Task. A single number is wanted: how many lines of the data below include the string "dimensions"?

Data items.

______

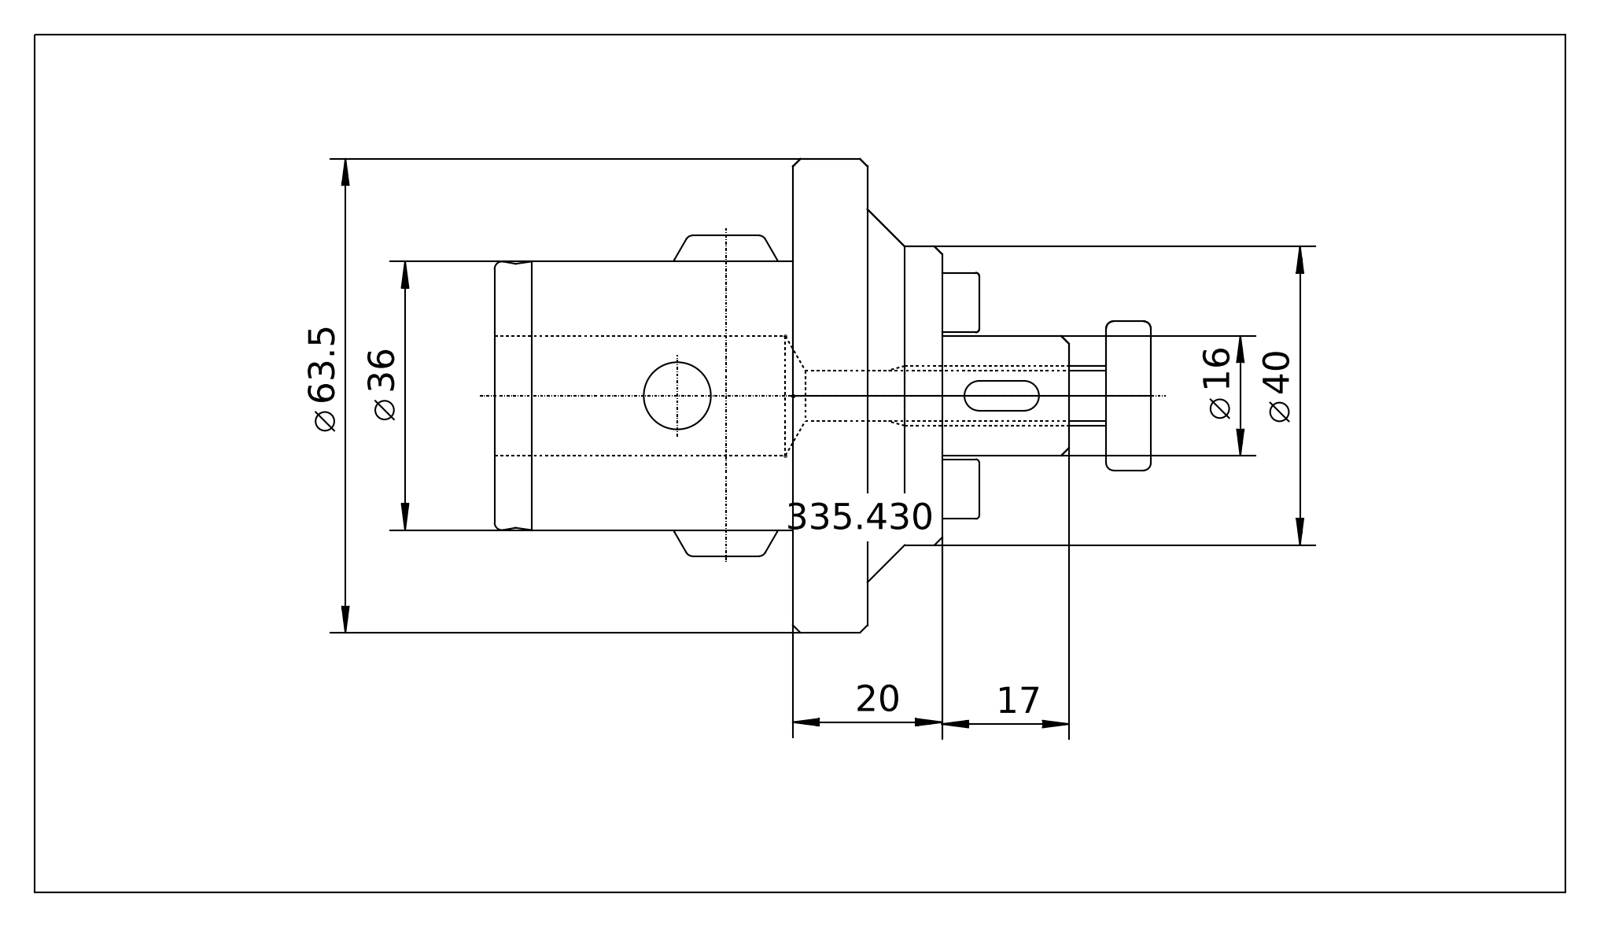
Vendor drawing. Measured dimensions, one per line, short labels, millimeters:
name: 335.430 Kaiser CKS6 X F16|690.703 Kaiser ETL FR16_M8_Standard-1;NONE; 335.430 Kaiser CKS6 X F16|690.703 Kaiser ETL FR16_M8_Standard;NONE; 335.430 Kaiser CKS6 X F16|691.605 Kaiser ETL MST 16 (Paar)_Standard;NONE; 335.430 Kaiser CKS6 X F16|691.600 Kaiser ETL FK 4 X 4_Standard;NONE (+3 more)
written by: ACIS (automotive_design)
unit: mm
bodies: 8 solids, 229 faces (71 planar, 74 cylindrical, 84 other)
size: 86.85 × 63.5 × 63.5
volume: 81 823 mm³; area: 24 643 mm²
holes: 2× ⌀2, 1× ⌀2.5, 1× ⌀3.2, 1× ⌀5.7, 1× ⌀6.75, 1× ⌀8.5, 1× ⌀9, 1× ⌀12, 1× ⌀14, 1× ⌀16, 1× ⌀18.5
bosses: 1× ⌀63.5, 1× ⌀40, 1× ⌀36, 1× ⌀20, 1× ⌀13.93, 1× ⌀10, 1× ⌀8
rounds: 2× R2, 1× R4, 1× R5.5
face distances: 10, 20, 60, 50, 40, 8, 7, 17, 24, 19.35
hole spacings: 19
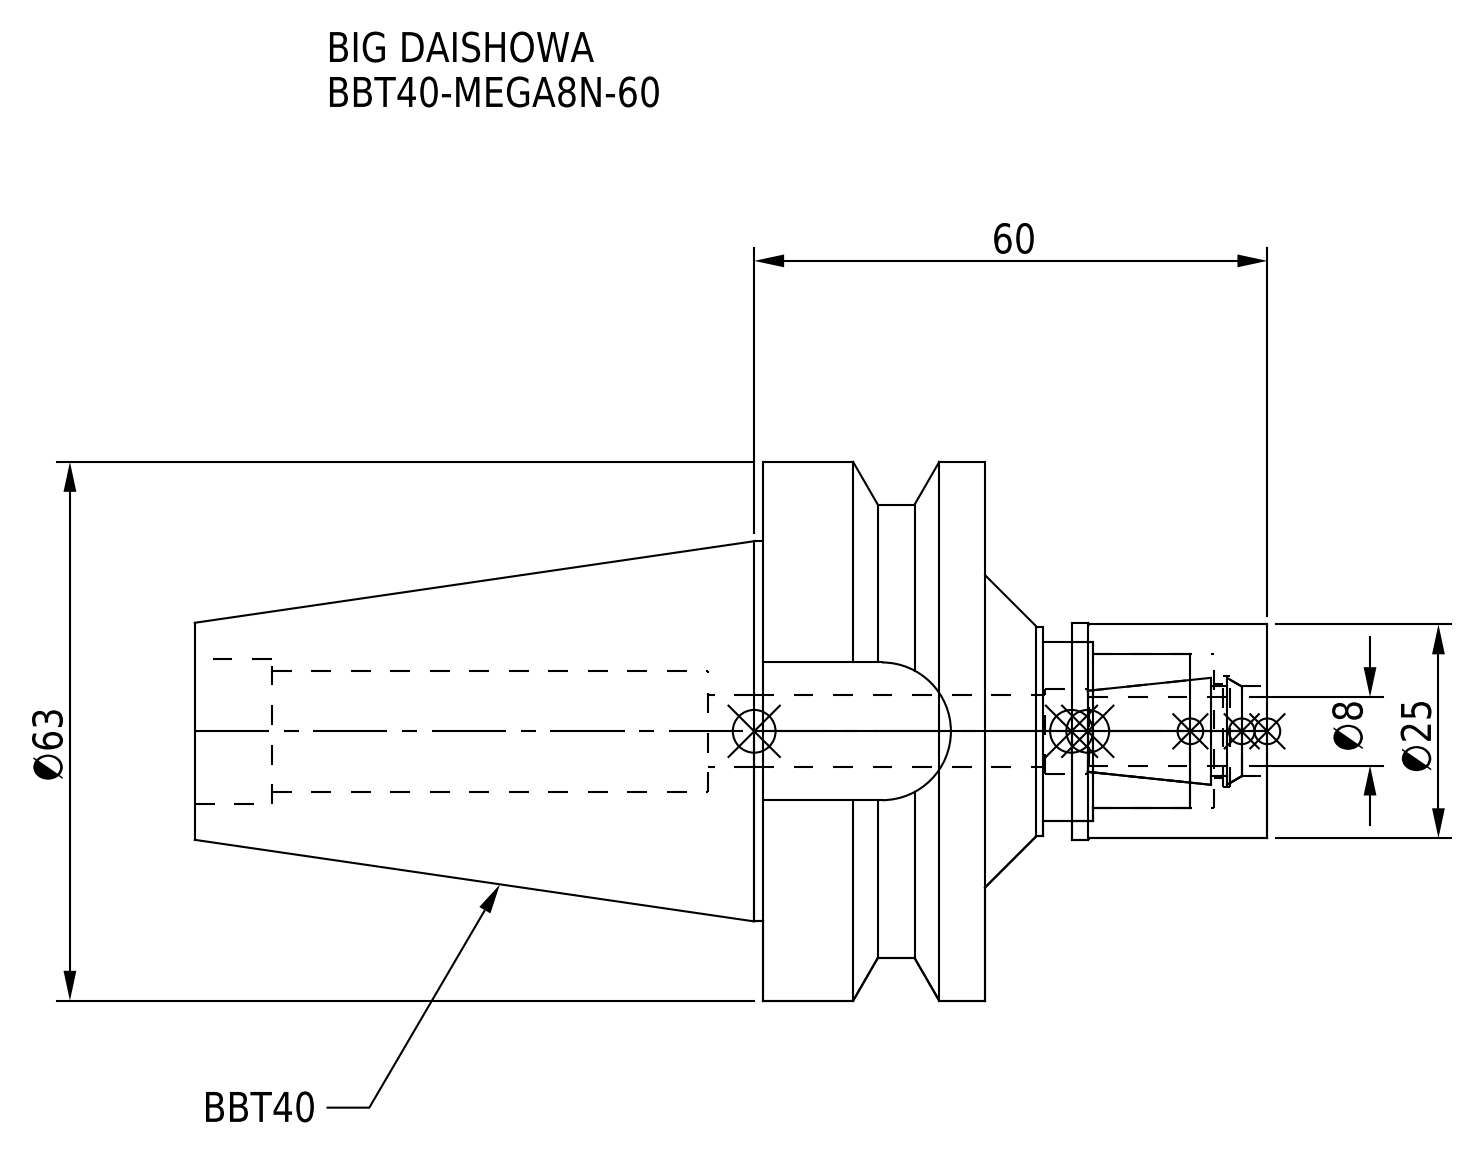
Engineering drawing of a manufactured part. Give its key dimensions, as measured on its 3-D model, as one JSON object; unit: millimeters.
{"part_name": "BBT40-MEGA8N-60; DXF_TEMP_ASSY_ASM_4_ASM.stp; MGN8_1.stp; BBT40-MEGA8N-60_1.stp (+3 more)", "step_written_by": "SolidWorks 2019 (CONFIG_CONTROL_DESIGN)", "units": "millimeters", "bodies": {"solids": 2, "faces": 76, "planar": 22, "cylindrical": 40, "other": 14}, "overall_size": [125.4, 63, 63], "volume_mm3": 137702, "surface_area_mm2": 28225, "round_holes": [[8.4, 1], [8.41, 1], [10, 1], [10.5, 1], [11, 1], [13, 1], [14.2, 1], [17, 1], [18, 1], [21, 1]], "round_bosses_or_shafts": [[63, 1], [53, 1], [44.45, 1], [25.3, 1], [25, 1], [24.5, 1]], "partial_cylinders_radius": [[8.05, 1]], "face_to_face_distances": [26, 45, 33, 59, 125.4, 92.4, 66.4, 9, 116.4, 16.1]}
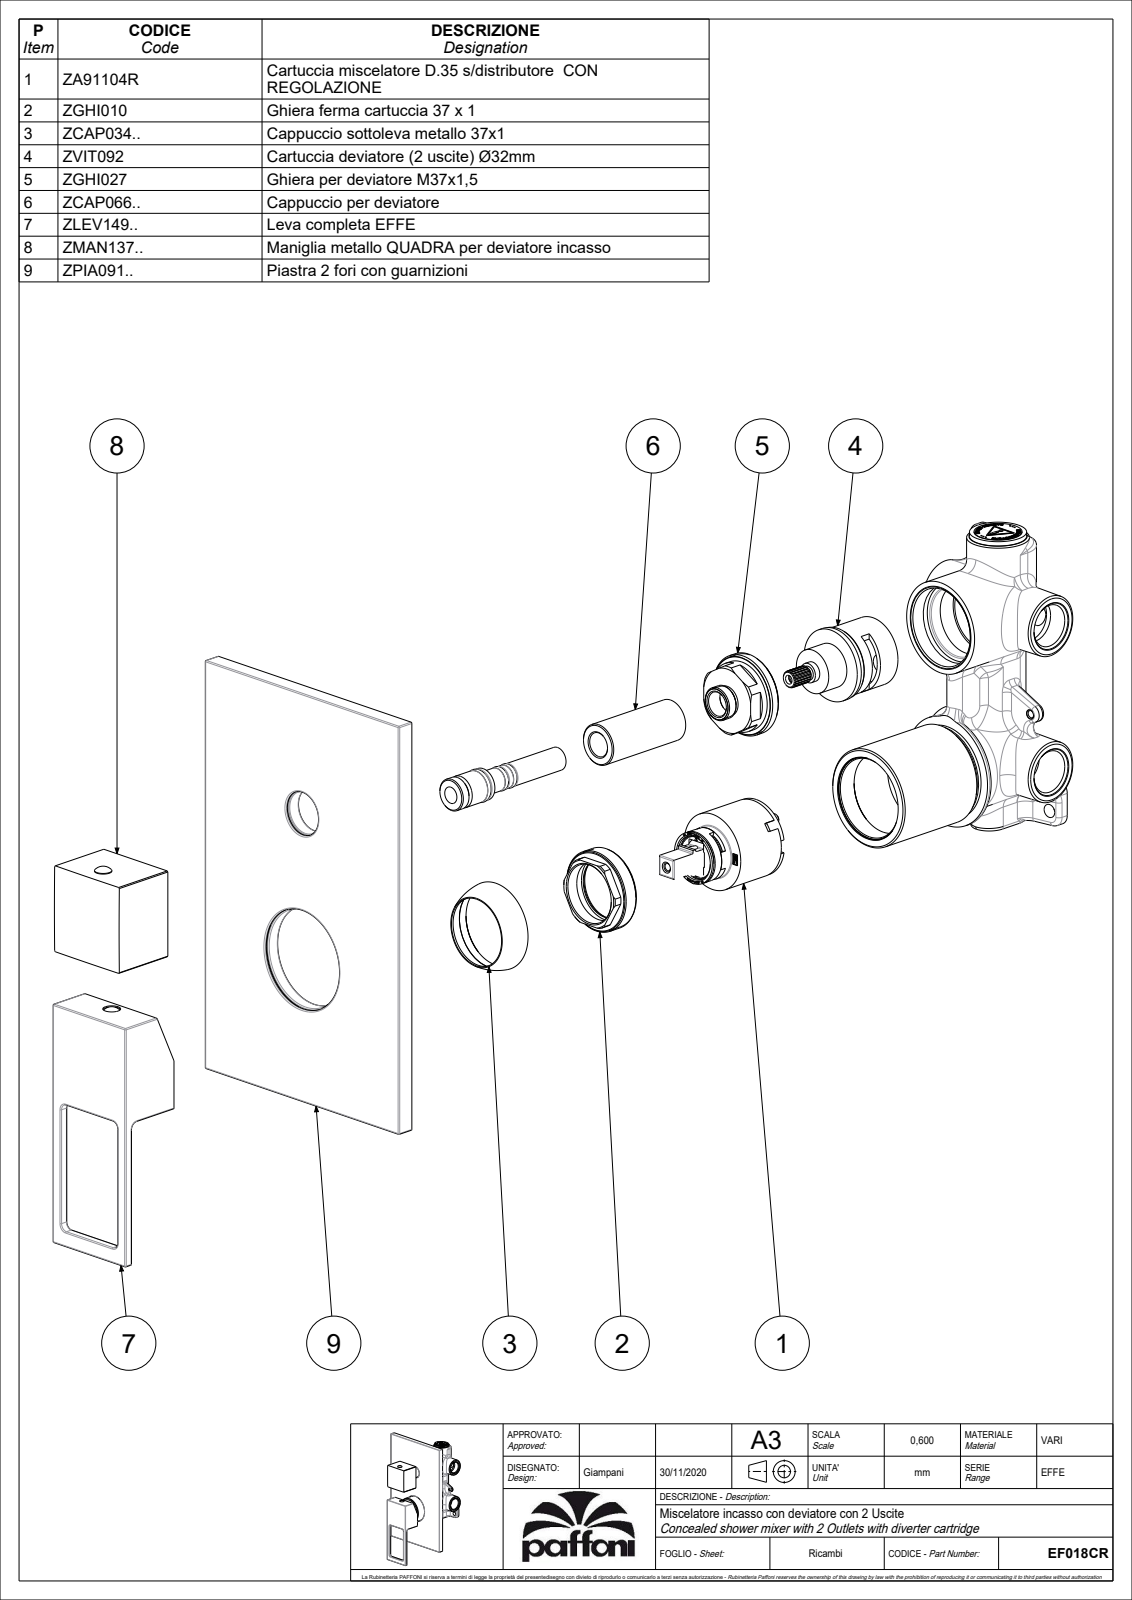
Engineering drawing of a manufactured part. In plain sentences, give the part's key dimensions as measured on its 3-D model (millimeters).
The part is named "EF018CR". Its 3-D file was written by "CREO PARAMETRIC BY PTC INC, 2020044 (CONFIG_CONTROL_DESIGN)". It is 4 solids with 1265 faces: 743 planar, 331 cylindrical and 191 other. Overall it measures 212.5 by 120 by 61.39 millimeters. Its volume is 207 185 cubic millimeters and its surface area 117 386 square millimeters. Round holes: 2 of diameter 3, 2 of diameter 4, 2 of diameter 4.5, 2 of diameter 5.5, 2 of diameter 36, 1 of diameter 3.2, 1 of diameter 4.2, 1 of diameter 5, 1 of diameter 7.8, 1 of diameter 8, 1 of diameter 11, 1 of diameter 14.8. Round bosses or shafts: 2 of diameter 7.6, 1 of diameter 51, 1 of diameter 49, 1 of diameter 44.8, 1 of diameter 35, 1 of diameter 32.2, 1 of diameter 25, 1 of diameter 23.5. Partial cylindrical surfaces (rounded edges, fillets, slot ends): 51 of radius 0.5, 11 of radius 0.15, 10 of radius 1, 5 of radius 3, 4 of radius 0.3, 1 of radius 3.85, 1 of radius 4, 1 of radius 7. The main face-to-face distances are 8, 2.5, 5.5, 40, 22.5, 37.5, 42.5, 82.5, 61.1, 55.6. The hole center spacings are 3.8, 10, 11, 14.8, 58, 68.

______

Reply. 3